## Items listed in a dataset
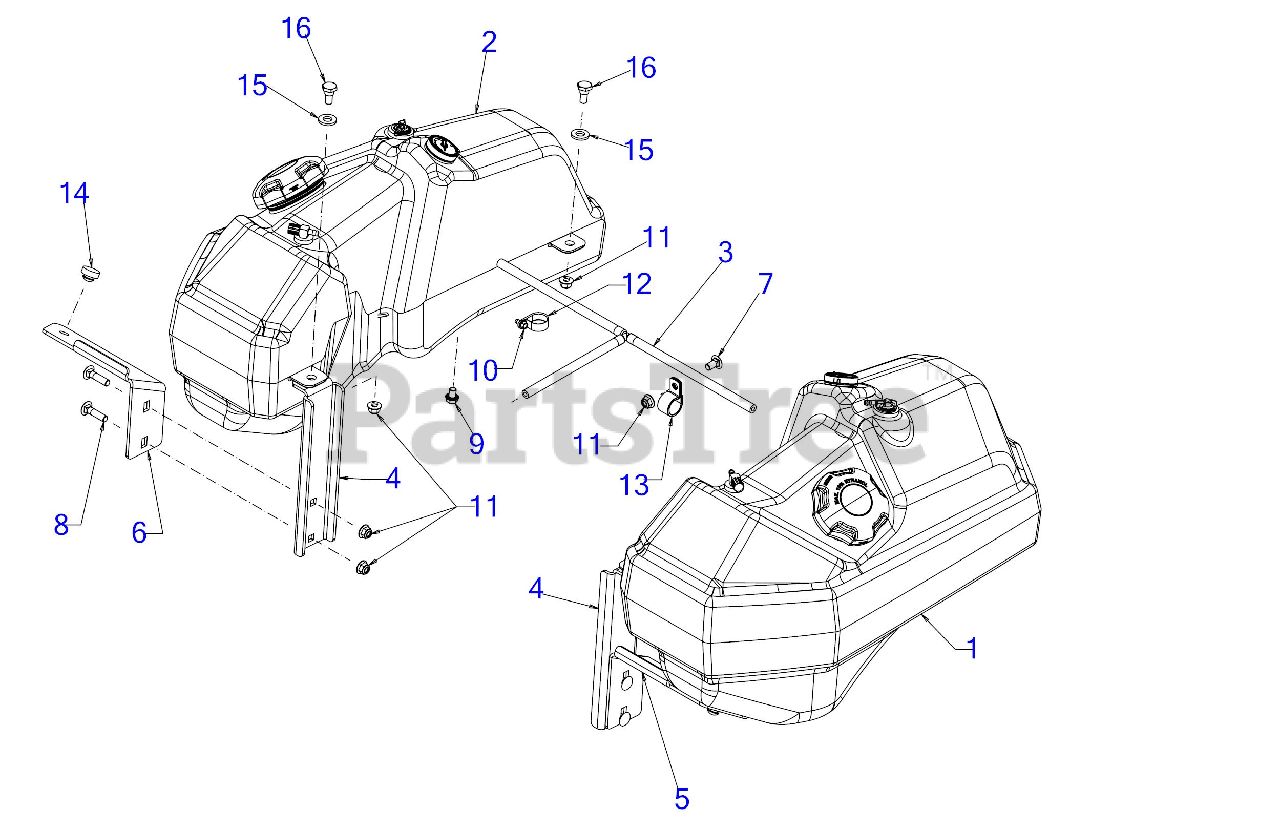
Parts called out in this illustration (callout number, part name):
1	FUEL TANK ASSEMBLY (RH) (7.25 GAL)
2	FUEL TANK ASSEMBLY (LH) (7.25 GAL)
3	FUEL LINE ASSEMBLY
7	CARRIAGE BOLT 3/8-16 x .750 GR5
8	CARRIAGE BOLT 3/8-16 x 1.50
9	SCREW 3/8-16 x .500 GR5
10	SCREW 1/4-20 X.500
12	DRAIN HOSE CLAMP
13	HOSE CLAMP 1.0"
14	RUBBER BUMPER 1.000 x .313
15	FLAT WASHER
16	SHOULDER SCREW .498 DIA x .340

## WORK REQUEST
Using the records given above, list every line that includes the word "CARRIAGE".

## EXERCISE RESULT
7	CARRIAGE BOLT 3/8-16 x .750 GR5
8	CARRIAGE BOLT 3/8-16 x 1.50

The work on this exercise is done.